In its report on the industry, ASIC says: "In many cases, the debenture issuers that ASIC examined, lent money to property developers on a capitalised interest or pre-paid interest basis.

"In these circumstances, there is no flow back of cash from the developer to the debenture issuer until the development is completed. In the meantime, investors in these debentures are paid only from the cash raised from other investors.

"This is high-risk finance that can be sustained only if the development is completed successfully."

Any profits made on the developments go not to the investors who are exposed to risk, but to the developers.

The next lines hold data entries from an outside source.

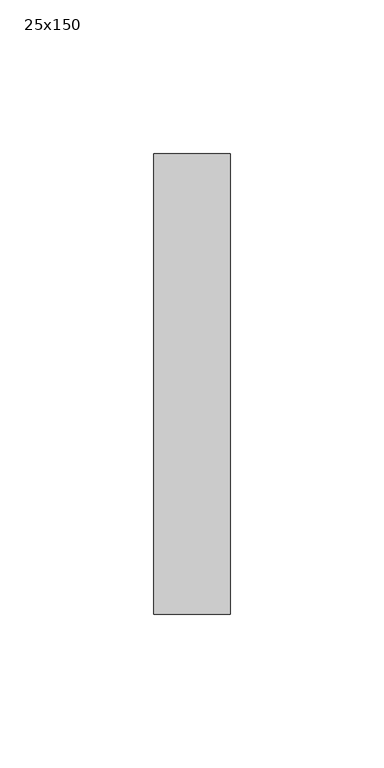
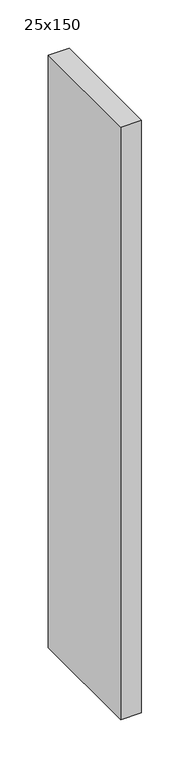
"""IFC4 building model written with IfcOpenShell, lengths in millimetres: member geometry, 長方形のマリオン : 25x150."""

from ifc_helpers import new_model, si_unit, frame, origin, place, context, project, spatial, polyline, outline, extrude, source, transform, mapped, element, save


def member_25x150_ebaab477(model_context):
    return source(origin(), model_context, "Body", "SweptSolid", [
        extrude(outline(polyline([(0.0, 75.0), (0.0, -75.0), (-25.0, -75.0), (-25.0, 75.0), (0.0, 75.0)])), frame((0.0, 0.0, -750.0), z_axis=(0.0, 0.0, 1.0), x_axis=(1.0, 0.0, 0.0)), (0.0, 0.0, 1.0), 750.0),
    ])


if __name__ == "__main__":
    model = new_model("IFC4")
    model_context = context("Model", 3, world=origin())
    ifc_project = project(units=[si_unit("LENGTHUNIT", "METRE", prefix="MILLI")], contexts=[model_context])
    site = spatial("IfcSite", under=ifc_project)
    building = spatial("IfcBuilding", under=site)
    placement = place(None, origin())
    member_25x150_shape = member_25x150_ebaab477(model_context)
    element("IfcMember", 1, ObjectType="長方形のマリオン : 25x150", at=placement, inside=building, context=model_context, shape_type="MappedRepresentation", body=[
        mapped(member_25x150_shape, transform((0.0, 0.0, 0.0), x_axis=(1.0, 0.0, 0.0), y_axis=(0.0, 1.0, 0.0), z_axis=(0.0, 0.0, 1.0))),
    ])
    save(model, "model.ifc")
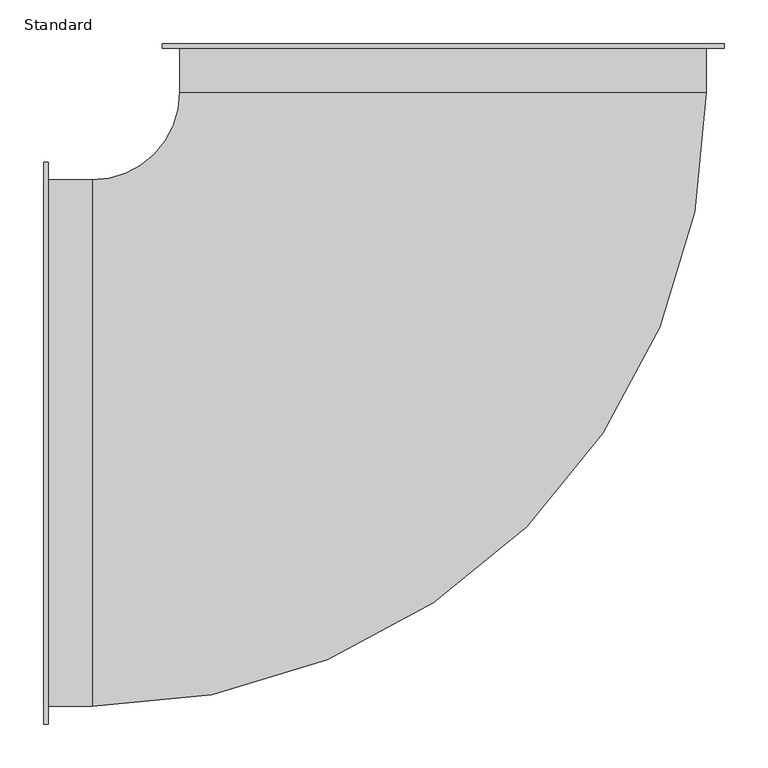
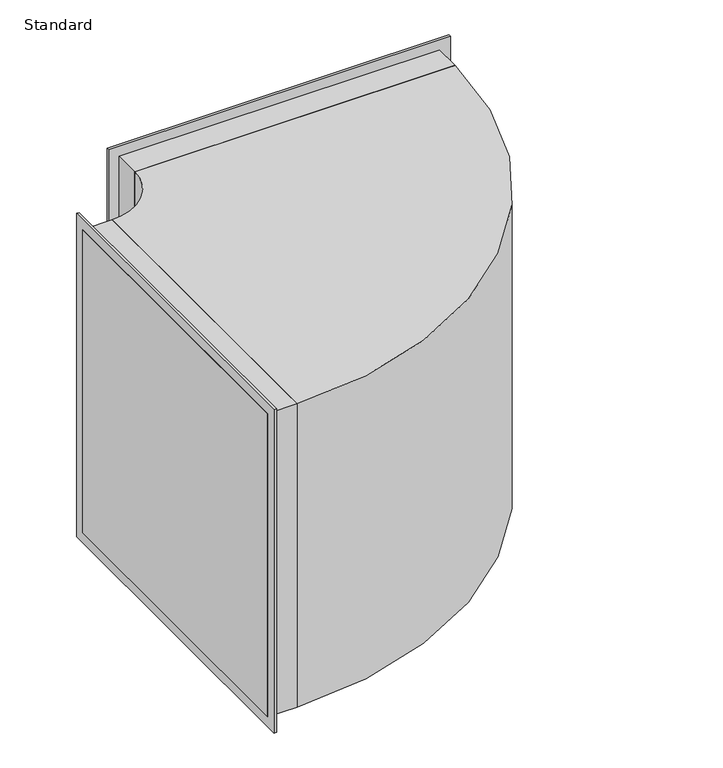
"""IFC4 building model written with IfcOpenShell, lengths in millimetres: duct fitting geometry, Bogen rechteck BS : Standard."""

from ifc_helpers import new_model, si_unit, point, frame, frame_2d, origin, place, context, project, spatial, polyline, circle_curve, trimmed, segment, composite_curve, outline, extrude, source, transform, mapped, element, save


def standard_352db8d4(model_context):
    return source(origin(), model_context, "Body", "SweptSolid", [
        extrude(outline(polyline([(300.0, 400.0), (-300.0, 400.0), (-300.0, 455.0), (300.0, 455.0), (300.0, 400.0)])), frame((0.0, 0.0, -300.0), z_axis=(0.0, 0.0, 1.0), x_axis=(1.0, 0.0, 0.0)), (0.0, 0.0, 1.0), 600.0),
        extrude(outline(polyline([(-455.0, 300.0), (-400.0, 300.0), (-400.0, -300.0), (-455.0, -300.0), (-455.0, 300.0)])), frame((0.0, 0.0, -300.0), z_axis=(0.0, 0.0, 1.0), x_axis=(1.0, 0.0, 0.0)), (0.0, 0.0, 1.0), 600.0),
        extrude(outline(composite_curve([segment(trimmed(circle_curve(frame_2d((-400.0, 400.0)), 700.0), [point((300.0, 400.0))], [point((-400.0, -300.0))], False, "CARTESIAN"), True, "CONTINUOUS"), segment(polyline([(-400.0, -300.0), (-400.0, 300.0)]), True, "CONTINUOUS"), segment(trimmed(circle_curve(frame_2d((-400.0, 400.0)), 100.0), [point((-400.0, 300.0))], [point((-300.0, 400.0))], True, "CARTESIAN"), True, "CONTINUOUS"), segment(polyline([(-300.0, 400.0), (300.0, 400.0)]), True, "CONTINUOUS")], self_intersect=False)), frame((0.0, 0.0, -300.0), z_axis=(0.0, 0.0, 1.0), x_axis=(1.0, 0.0, 0.0)), (0.0, 0.0, 1.0), 600.0),
        extrude(outline(polyline([(-455.0, -320.0), (-455.0, 320.0), (-450.0, 320.0), (-450.0, -320.0), (-455.0, -320.0)])), frame((0.0, 0.0, -320.0), z_axis=(0.0, 0.0, 1.0), x_axis=(1.0, 0.0, 0.0)), (0.0, 0.0, 1.0), 640.0),
        extrude(outline(polyline([(320.0, 450.0), (-320.0, 450.0), (-320.0, 455.0), (320.0, 455.0), (320.0, 450.0)])), frame((0.0, 0.0, -320.0), z_axis=(0.0, 0.0, 1.0), x_axis=(1.0, 0.0, 0.0)), (0.0, 0.0, 1.0), 640.0),
    ])


if __name__ == "__main__":
    model = new_model("IFC4")
    model_context = context("Model", 3, world=origin())
    ifc_project = project(units=[si_unit("LENGTHUNIT", "METRE", prefix="MILLI")], contexts=[model_context])
    site = spatial("IfcSite", under=ifc_project)
    building = spatial("IfcBuilding", under=site)
    placement = place(None, origin())
    standard_shape = standard_352db8d4(model_context)
    element("IfcDuctFitting", 1, ObjectType="Bogen rechteck BS : Standard", at=placement, inside=building, context=model_context, shape_type="MappedRepresentation", body=[
        mapped(standard_shape, transform((0.0, 0.0, 0.0), x_axis=(1.0, 0.0, 0.0), y_axis=(0.0, 1.0, 0.0), z_axis=(0.0, 0.0, 1.0))),
    ])
    save(model, "model.ifc")

It's a sweet deal for the developers. Normally, banks would impose stringent lending requirements, constant valuations and demand security and personal guarantees from directors.

But with this type of financing, the small investors take all the risk and often remain in the dark.

If things don't go well, if the property market softens and construction is delayed, if residential sales are soft, or prices fall or the developer is unable to complete the project or repay the loan or fails to receive development approval, the risk factor can reach dangerous levels. Most of the companies are paying investors between 6 and 9.95 per cent, depending on the length of the loan.

Unsecured notes attract a half a percentage point premium to debentures or first ranking notes to compensate for higher risk. Often there is a penalty for early withdrawal of funds.

*You don't have to look far to see the warning signals. In recent weeks, listed property developers have issued profit warnings as market conditions deteriorate.*

Given that unsecured investors stand last in line, there is no recourse if available assets are sold and used to satisfy first mortgagees.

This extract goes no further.